# rod refinishing



## jimmyschimmies (Jul 12, 2010)

got my hands on a Kunnan 80 class rod that the gel coat around the guides has become yellowish and cracking in some spots. any advice on where to take and have it re coated or wrapped? and how much does this procedure usually run?


----------



## Billcollector (Oct 16, 2009)

Most of your local rod builders should be able to refinish it for you. Not real sure what other builders charge, but I know with me it all depends on the a lot of factors. What condition the rod is in, as well as how hard the finish is to remove. Also whether the entire rod has finish on it, or is it just the guides. I am sure some one local will be able to handle it for you. Heck hit up the young guy on here that is doing it (jdkingfisher). If I lived closer I would say bring it to me and I would do it for you, but I live in montgomery and have to ship most of my stuff to my customers.


----------



## jdhkingfisher (Aug 6, 2010)

ask around, im as good as some of the old timers on here. but they do have the super experience. im just trying to make an insurance payment lol and will have your rod done quick and it make people jealous


----------



## biggamefishr (Oct 26, 2007)

Call around...most tackle shops will do the work, there's also a ton of individuals out there. Rod and reel depot is where I would start...I'd also call hot spots in gulf breeze and Ernie cavitt


----------



## Linda (Oct 2, 2007)

If the cracking has breached the threads and some threads are exposed or starting to unravel, then its probably time for a rewrap. If its not that bad then a refinish job will benifit. I start by scrubing the rod down with 3m scothbrite wiping it down several times with laquer thinner to remove dirt and waxes then wipe with acetone to pull out yellowing and to soften the surface for the new coat to take. Then pull a thin coat over the rod and walla a brand new rod. Well, in appearance any way. I charge 20$ for most rods. Less for light rods.


----------



## jimmyschimmies (Jul 12, 2010)

thank for all the advice guys, i showed it to the guys down at Hot Spots and all it required was re flex coating. total cost $15


----------



## tom wicker (Oct 16, 2007)

Linda&Ernie said:


> If the cracking has breached the threads and some threads are exposed or starting to unravel, then its probably time for a rewrap. If its not that bad then a refinish job will benifit. I start by scrubing the rod down with 3m scothbrite wiping it down several times with laquer thinner to remove dirt and waxes then wipe with acetone to pull out yellowing and to soften the surface for the new coat to take. Then pull a thin coat over the rod and walla a brand new rod. Well, in appearance any way. I charge 20$ for most rods. Less for light rods.


You must be the Erine. I did some work on a couple of your builds at least he said they started with you If I recall right he said you did them about four years ago.

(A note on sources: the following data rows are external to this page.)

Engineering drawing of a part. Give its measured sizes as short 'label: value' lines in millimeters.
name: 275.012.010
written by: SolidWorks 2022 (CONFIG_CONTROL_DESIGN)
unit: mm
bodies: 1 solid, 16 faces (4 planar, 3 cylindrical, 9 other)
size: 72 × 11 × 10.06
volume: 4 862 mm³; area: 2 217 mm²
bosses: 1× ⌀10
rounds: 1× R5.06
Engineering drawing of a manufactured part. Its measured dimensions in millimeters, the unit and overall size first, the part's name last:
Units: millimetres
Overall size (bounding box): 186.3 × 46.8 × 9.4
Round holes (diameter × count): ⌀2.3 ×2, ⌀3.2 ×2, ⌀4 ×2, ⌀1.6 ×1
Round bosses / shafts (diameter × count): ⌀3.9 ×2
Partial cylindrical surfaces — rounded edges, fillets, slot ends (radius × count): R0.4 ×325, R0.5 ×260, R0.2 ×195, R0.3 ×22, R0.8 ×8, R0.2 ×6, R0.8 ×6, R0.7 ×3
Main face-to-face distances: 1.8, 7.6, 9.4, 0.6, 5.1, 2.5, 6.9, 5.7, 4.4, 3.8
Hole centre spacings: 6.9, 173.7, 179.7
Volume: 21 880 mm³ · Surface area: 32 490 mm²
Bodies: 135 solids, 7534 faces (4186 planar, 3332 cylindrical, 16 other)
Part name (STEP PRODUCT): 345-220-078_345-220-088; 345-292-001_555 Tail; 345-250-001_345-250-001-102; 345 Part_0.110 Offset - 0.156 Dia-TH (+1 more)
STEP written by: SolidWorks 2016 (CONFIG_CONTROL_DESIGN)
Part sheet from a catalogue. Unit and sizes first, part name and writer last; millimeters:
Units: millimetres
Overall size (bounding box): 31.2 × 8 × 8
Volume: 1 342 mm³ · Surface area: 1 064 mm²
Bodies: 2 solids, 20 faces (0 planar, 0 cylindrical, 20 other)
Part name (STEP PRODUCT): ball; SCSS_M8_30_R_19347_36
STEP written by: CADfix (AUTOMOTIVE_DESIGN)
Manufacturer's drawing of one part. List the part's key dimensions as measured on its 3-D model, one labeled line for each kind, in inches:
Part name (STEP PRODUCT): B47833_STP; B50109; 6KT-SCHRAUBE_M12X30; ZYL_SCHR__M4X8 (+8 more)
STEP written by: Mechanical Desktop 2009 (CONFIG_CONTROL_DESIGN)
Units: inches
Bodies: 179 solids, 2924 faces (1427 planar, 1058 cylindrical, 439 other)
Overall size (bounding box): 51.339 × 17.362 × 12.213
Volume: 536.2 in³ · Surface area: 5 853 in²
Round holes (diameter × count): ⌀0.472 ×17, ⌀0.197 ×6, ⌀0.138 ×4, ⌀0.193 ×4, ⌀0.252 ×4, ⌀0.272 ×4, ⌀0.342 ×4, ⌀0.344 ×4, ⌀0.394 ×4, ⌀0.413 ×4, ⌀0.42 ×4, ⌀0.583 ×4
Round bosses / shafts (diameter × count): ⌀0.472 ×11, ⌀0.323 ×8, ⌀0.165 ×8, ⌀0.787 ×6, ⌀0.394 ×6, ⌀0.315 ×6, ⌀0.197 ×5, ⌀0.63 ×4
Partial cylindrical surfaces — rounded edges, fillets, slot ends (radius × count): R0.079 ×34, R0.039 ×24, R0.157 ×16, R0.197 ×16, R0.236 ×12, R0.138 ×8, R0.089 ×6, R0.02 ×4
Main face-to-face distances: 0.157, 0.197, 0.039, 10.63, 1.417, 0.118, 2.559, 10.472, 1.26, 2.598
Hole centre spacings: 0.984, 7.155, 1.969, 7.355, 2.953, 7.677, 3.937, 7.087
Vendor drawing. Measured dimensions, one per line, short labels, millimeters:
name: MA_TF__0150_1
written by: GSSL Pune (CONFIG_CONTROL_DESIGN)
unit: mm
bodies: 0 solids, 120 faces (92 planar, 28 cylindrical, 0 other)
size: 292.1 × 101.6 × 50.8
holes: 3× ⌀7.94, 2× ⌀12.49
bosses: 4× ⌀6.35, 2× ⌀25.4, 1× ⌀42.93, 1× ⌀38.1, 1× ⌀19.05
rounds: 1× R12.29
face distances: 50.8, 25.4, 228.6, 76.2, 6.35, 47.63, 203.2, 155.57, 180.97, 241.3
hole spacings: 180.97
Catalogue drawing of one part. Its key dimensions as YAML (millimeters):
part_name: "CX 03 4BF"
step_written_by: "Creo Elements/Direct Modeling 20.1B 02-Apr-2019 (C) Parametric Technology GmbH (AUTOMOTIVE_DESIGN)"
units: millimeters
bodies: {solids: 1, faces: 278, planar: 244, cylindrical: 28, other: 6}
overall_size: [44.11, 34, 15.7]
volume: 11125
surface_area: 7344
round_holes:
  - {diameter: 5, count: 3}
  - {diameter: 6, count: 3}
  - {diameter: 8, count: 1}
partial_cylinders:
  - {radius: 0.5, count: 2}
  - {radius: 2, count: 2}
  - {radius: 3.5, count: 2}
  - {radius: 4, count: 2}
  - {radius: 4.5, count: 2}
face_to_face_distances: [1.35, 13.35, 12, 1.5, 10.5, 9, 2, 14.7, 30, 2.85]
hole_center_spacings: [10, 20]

Both were live bait looked like Cobia rods he wanted the rear grips shorten and Alum. Gimbels put on them. Well anyways thats not the point the point is the wrap looked sweet and straight as did the guides:thumbsup: I just wanted to say nice work and throw in a recommendation on your work


----------



## fishingcanada (Oct 21, 2010)

As for the rod re-finish. I'm thinking about using Aluma-Hyde II. It is used for refinishing guns and synthetic stocks. It is suppose to be extremely durable, of course I could only get it in subdued colors, so that is something to think about.


----------